> What you are asked to do
A faithful copy is required of the lines from the top of the entries through the line that contains "msp = doc.modelspace()", both included, with no pictures.

> Entries provided
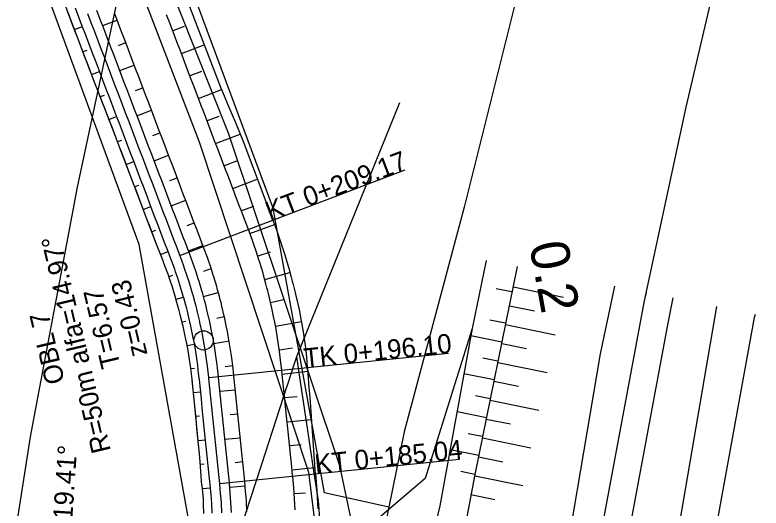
# Model space of a CAD drawing. Extents: x -583721 to -583071, y -1166145 to -1165065.
# Drawn here: x -583433.1 to -583355.7, y -1165470.9 to -1165419.8 of the extents above; entities that cross this region are included whole.
import ezdxf

# ---------------------------------------------------------------- set-up
doc = ezdxf.new("R2010")
doc.units = 0
for name, color, linetype in [('01_DOPRAVA', 7, 'Continuous'), ('03_PC_POPIS_NAVRH', 7, 'Continuous'), ('13', 7, 'Continuous'), ('14', 7, 'Continuous'), ('21', 7, 'Continuous'), ('_Rozpiska', 7, 'Continuous'), ('Kabel_navrh', 7, 'Continuous'), ('KOTY', 7, 'Continuous'), ('North Arrow', 7, 'Continuous'), ('Popis PP', 7, 'Continuous'), ('Ram HC5', 7, 'Continuous'), ('Rámy', 7, 'Continuous'), ('TISK', 7, 'Continuous'), ('Trojúhelniky', 7, 'Continuous')]:
    doc.layers.add(name, color=color, linetype=linetype)

msp = doc.modelspace()

# ---------------------------------------------------------------- linework, layer by layer
at = {"layer": '01_DOPRAVA'}
for points in [[(-583327.43, -1165211.57), (-583327.59, -1165214.21), (-583330.92, -1165226.21), (-583336.19, -1165245.95), (-583345.5, -1165278.93), (-583352.15, -1165304.95), (-583359.3, -1165333.07), (-583366.57, -1165360.34), (-583373.53, -1165387.37), (-583380.03, -1165413.66), (-583386.52, -1165439.72), (-583392.75, -1165463.03), (-583394.35, -1165470.85)], [(-583394.35, -1165470.85), (-583401.02, -1165469.37), (-583406.34, -1165439.81), (-583441.73, -1165344.5), (-583443.26, -1165334.4), (-583448.82, -1165319.07), (-583454.83, -1165307.19)], [(-583415.62, -1165476.12), (-583415.02, -1165472.65), (-583420.22, -1165443.6), (-583448.97, -1165365.39), (-583458.92, -1165347.2), (-583477.78, -1165313.78)], [(-583394.35, -1165470.85), (-583397.05, -1165483.9), (-583399.8, -1165518.65), (-583400, -1165542.33), (-583402.51, -1165559.81), (-583402.19, -1165563.54), (-583409.42, -1165564.02), (-583405.3, -1165586.77), (-583405.42, -1165638.41)]]:
    msp.add_lwpolyline(points, dxfattribs=at)
at = {"layer": '03_PC_POPIS_NAVRH'}
for points in [[(-583461.59, -1165302.25), (-583452.7, -1165330.11), (-583439.53, -1165361.89), (-583424.49, -1165398.09), (-583411.01, -1165432.01), (-583399.44, -1165466.53), (-583397.85, -1165474.11)], [(-583464.75, -1165303.13), (-583454.71, -1165331.15), (-583441.76, -1165362.61), (-583427, -1165399.08), (-583414.01, -1165432.94), (-583402.68, -1165467.21), (-583401.88, -1165473.68), (-583399.3, -1165487.37), (-583400.15, -1165499.25), (-583403.33, -1165538.26), (-583407.25, -1165561.02), (-583404.58, -1165574.64), (-583401.09, -1165602.76), (-583401.09, -1165613.37), (-583400.94, -1165621.86)]]:
    msp.add_lwpolyline(points, dxfattribs=at)
at = {"layer": '13'}
msp.add_lwpolyline([(-583409.781, -1165473.366), (-583407.515, -1165466.397), (-583405.251, -1165459.434), (-583404.9, -1165458.355), (-583404.84, -1165458.171), (-583404.048, -1165455.735), (-583403.873, -1165455.197), (-583393.188, -1165428.841)], dxfattribs=at)
at = {"layer": '14'}
for p, q in [((-583424.009, -1165420.875), (-583422.513, -1165420.306)), ((-583426.945, -1165421.269), (-583426.118, -1165420.955)), ((-583415.557, -1165420.97), (-583416.74, -1165421.42)), ((-583422.372, -1165422.927), (-583421.624, -1165422.642)), ((-583415.851, -1165423.756), (-583413.476, -1165422.853)), ((-583425.642, -1165423.448), (-583426.054, -1165423.605)), ((-583422.231, -1165425.548), (-583420.735, -1165424.979)), ((-583425.164, -1165425.941), (-583424.34, -1165425.628)), ((-583413.77, -1165425.639), (-583414.962, -1165426.093)), ((-583420.594, -1165427.6), (-583419.846, -1165427.315)), ((-583414.073, -1165428.429), (-583411.676, -1165427.517)), ((-583423.859, -1165428.12), (-583424.266, -1165428.275)), ((-583420.453, -1165430.221), (-583418.957, -1165429.652)), ((-583423.361, -1165430.605), (-583422.562, -1165430.301)), ((-583411.951, -1165430.297), (-583413.184, -1165430.766)), ((-583418.816, -1165432.273), (-583418.068, -1165431.989)), ((-583412.295, -1165433.103), (-583409.751, -1165432.135)), ((-583422.065, -1165432.787), (-583422.457, -1165432.936)), ((-583418.675, -1165434.894), (-583417.179, -1165434.325)), ((-583421.571, -1165435.274), (-583420.784, -1165434.974)), ((-583410.13, -1165434.954), (-583411.406, -1165435.439)), ((-583417.038, -1165436.946), (-583416.29, -1165436.662)), ((-583410.517, -1165437.776), (-583407.975, -1165436.809)), ((-583420.292, -1165437.462), (-583420.688, -1165437.613)), ((-583416.897, -1165439.567), (-583415.401, -1165438.998)), ((-583419.805, -1165439.952), (-583419.006, -1165439.648)), ((-583408.361, -1165439.631), (-583409.628, -1165440.112)), ((-583415.26, -1165441.619), (-583414.512, -1165441.335)), ((-583408.742, -1165442.45), (-583406.2, -1165441.528)), ((-583418.516, -1165442.136), (-583418.914, -1165442.287)), ((-583415.119, -1165444.241), (-583413.617, -1165443.688)), ((-583418.02, -1165444.616), (-583417.228, -1165444.321)), ((-583406.63, -1165444.395), (-583407.922, -1165444.812)), ((-583413.522, -1165446.347), (-583412.761, -1165446.097)), ((-583416.755, -1165446.799), (-583417.142, -1165446.931)), ((-583407.207, -1165447.207), (-583404.593, -1165446.487)), ((-583413.561, -1165448.99), (-583412.019, -1165448.566)), ((-583416.403, -1165449.277), (-583415.619, -1165449.053)), ((-583405.27, -1165449.326), (-583406.596, -1165449.631)), ((-583415.386, -1165451.564), (-583415.776, -1165451.653)), ((-583412.176, -1165451.241), (-583411.395, -1165451.068)), ((-583406.088, -1165452.079), (-583403.403, -1165451.583)), ((-583415.255, -1165454.058), (-583414.495, -1165453.923)), ((-583412.476, -1165453.868), (-583410.899, -1165453.597)), ((-583404.34, -1165454.358), (-583405.689, -1165454.546)), ((-583414.496, -1165456.443), (-583414.872, -1165456.492)), ((-583411.317, -1165456.24), (-583410.523, -1165456.14)), ((-583405.396, -1165457.029), (-583402.759, -1165456.738)), ((-583411.846, -1165458.827), (-583410.255, -1165458.661)), ((-583414.603, -1165458.959), (-583413.851, -1165458.879)), ((-583403.844, -1165459.383), (-583405.141, -1165459.516)), ((-583413.974, -1165461.405), (-583414.351, -1165461.444)), ((-583410.795, -1165461.232), (-583409.999, -1165461.151)), ((-583404.886, -1165462.003), (-583402.379, -1165461.746)), ((-583414.101, -1165463.931), (-583413.341, -1165463.853)), ((-583411.336, -1165463.801), (-583409.744, -1165463.638)), ((-583403.416, -1165464.365), (-583404.631, -1165464.49)), ((-583413.486, -1165466.381), (-583413.886, -1165466.422)), ((-583410.285, -1165466.207), (-583409.489, -1165466.126)), ((-583404.376, -1165466.977), (-583402.013, -1165466.749)), ((-583413.668, -1165468.899), (-583412.834, -1165468.828)), ((-583410.831, -1165468.775), (-583409.236, -1165468.64)), ((-583402.969, -1165469.385), (-583404.15, -1165469.466))]:
    msp.add_line(p, q, dxfattribs=at)
at = {"layer": '21'}
for points in [[(-583422.559, -1165399.251), (-583411.784, -1165427.249), (-583411.41, -1165428.177), (-583411.024, -1165429.1), (-583410.248, -1165430.945), (-583409.859, -1165431.867), (-583409.484, -1165432.794), (-583407.724, -1165437.474), (-583407.372, -1165438.41), (-583406.377, -1165441.06), (-583406.303, -1165441.25), (-583405.882, -1165442.381), (-583405.768, -1165442.702), (-583405.487, -1165443.52), (-583405.213, -1165444.363), (-583405.118, -1165444.669), (-583404.774, -1165445.825), (-583404.713, -1165446.042), (-583404.458, -1165446.989), (-583404.354, -1165447.395), (-583404.263, -1165447.734), (-583404.154, -1165448.156), (-583403.87, -1165449.329), (-583403.846, -1165449.435), (-583403.613, -1165450.508), (-583403.484, -1165451.149), (-583403.382, -1165451.692), (-583403.18, -1165452.875), (-583403.179, -1165452.881), (-583403.003, -1165454.075), (-583402.933, -1165454.609), (-583402.869, -1165455.274), (-583402.788, -1165456.355), (-583402.783, -1165456.456), (-583402.7, -1165457.453), (-583402.613, -1165458.449), (-583402.53, -1165459.446), (-583402.333, -1165462.442), (-583402.261, -1165463.44), (-583402.039, -1165466.433), (-583401.96, -1165467.389), (-583401.955, -1165467.437), (-583401.84, -1165468.631), (-583401.793, -1165469.228), (-583401.753, -1165469.827), (-583401.694, -1165471.025)], [(-583413.51, -1165471.514), (-583413.539, -1165470.552), (-583413.561, -1165470.07), (-583413.589, -1165469.589), (-583413.699, -1165468.632), (-583413.724, -1165468.595), (-583413.802, -1165467.639), (-583413.94, -1165465.643), (-583414.029, -1165464.647), (-583414.53, -1165459.672), (-583414.632, -1165458.677), (-583414.746, -1165457.581), (-583414.843, -1165456.72), (-583414.911, -1165456.19), (-583414.971, -1165455.764), (-583415.12, -1165454.81), (-583415.121, -1165454.805), (-583415.291, -1165453.861), (-583415.376, -1165453.428), (-583415.483, -1165452.916), (-583415.675, -1165452.06), (-583415.695, -1165451.975), (-583415.929, -1165451.04), (-583416.018, -1165450.703), (-583416.092, -1165450.433), (-583416.176, -1165450.108), (-583416.382, -1165449.352), (-583416.431, -1165449.179), (-583416.707, -1165448.256), (-583416.783, -1165448.012), (-583417.002, -1165447.339), (-583417.227, -1165446.685), (-583417.319, -1165446.428), (-583417.659, -1165445.527), (-583417.718, -1165445.375), (-583418.025, -1165444.603), (-583418.386, -1165443.67), (-583419.457, -1165440.868), (-583419.812, -1165439.933), (-583422.285, -1165433.384), (-583422.644, -1165432.451), (-583424.455, -1165427.79), (-583424.815, -1165426.857), (-583428.021, -1165418.448)], [(-583412.65, -1165471.479), (-583412.701, -1165470.5), (-583412.733, -1165470.01), (-583412.77, -1165469.523), (-583412.86, -1165468.547), (-583412.864, -1165468.507), (-583412.962, -1165467.553), (-583413.064, -1165466.558), (-583413.166, -1165465.563), (-583413.268, -1165464.568), (-583413.37, -1165463.574), (-583413.472, -1165462.579), (-583413.574, -1165461.584), (-583413.676, -1165460.589), (-583413.778, -1165459.595), (-583413.88, -1165458.6), (-583413.982, -1165457.605), (-583413.992, -1165457.504), (-583414.09, -1165456.629), (-583414.158, -1165456.091), (-583414.217, -1165455.657), (-583414.364, -1165454.688), (-583414.365, -1165454.683), (-583414.53, -1165453.722), (-583414.612, -1165453.282), (-583414.715, -1165452.76), (-583414.9, -1165451.888), (-583414.92, -1165451.802), (-583415.143, -1165450.848), (-583415.229, -1165450.504), (-583415.299, -1165450.228), (-583415.386, -1165449.898), (-583415.597, -1165449.129), (-583415.647, -1165448.954), (-583415.928, -1165448.015), (-583416.005, -1165447.766), (-583416.227, -1165447.081), (-583416.453, -1165446.416), (-583416.544, -1165446.154), (-583416.881, -1165445.234), (-583416.939, -1165445.079), (-583417.235, -1165444.302), (-583417.59, -1165443.368), (-583417.946, -1165442.433), (-583418.302, -1165441.498), (-583418.657, -1165440.564), (-583419.013, -1165439.629), (-583419.368, -1165438.694), (-583419.724, -1165437.76), (-583420.08, -1165436.825), (-583420.435, -1165435.891), (-583420.791, -1165434.956), (-583421.146, -1165434.021), (-583421.502, -1165433.087), (-583421.858, -1165432.152), (-583422.213, -1165431.217), (-583422.569, -1165430.283), (-583422.924, -1165429.348), (-583423.28, -1165428.413), (-583423.636, -1165427.479), (-583423.991, -1165426.544), (-583424.347, -1165425.61), (-583424.702, -1165424.675), (-583425.058, -1165423.74), (-583425.414, -1165422.806), (-583425.769, -1165421.871), (-583426.125, -1165420.936), (-583426.48, -1165420.002), (-583426.836, -1165419.067)], [(-583410.652, -1165471.396), (-583410.704, -1165470.377), (-583410.738, -1165469.868), (-583410.777, -1165469.36), (-583410.87, -1165468.344), (-583410.874, -1165468.303), (-583410.972, -1165467.349), (-583411.074, -1165466.354), (-583411.176, -1165465.359), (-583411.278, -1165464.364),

> Answer
# Model space of a CAD drawing. Extents: x -583721 to -583071, y -1166145 to -1165065.
# Drawn here: x -583433.1 to -583355.7, y -1165470.9 to -1165419.8 of the extents above; entities that cross this region are included whole.
import ezdxf

# ---------------------------------------------------------------- set-up
doc = ezdxf.new("R2010")
doc.units = 0
for name, color, linetype in [('01_DOPRAVA', 7, 'Continuous'), ('03_PC_POPIS_NAVRH', 7, 'Continuous'), ('13', 7, 'Continuous'), ('14', 7, 'Continuous'), ('21', 7, 'Continuous'), ('_Rozpiska', 7, 'Continuous'), ('Kabel_navrh', 7, 'Continuous'), ('KOTY', 7, 'Continuous'), ('North Arrow', 7, 'Continuous'), ('Popis PP', 7, 'Continuous'), ('Ram HC5', 7, 'Continuous'), ('Rámy', 7, 'Continuous'), ('TISK', 7, 'Continuous'), ('Trojúhelniky', 7, 'Continuous')]:
    doc.layers.add(name, color=color, linetype=linetype)

msp = doc.modelspace()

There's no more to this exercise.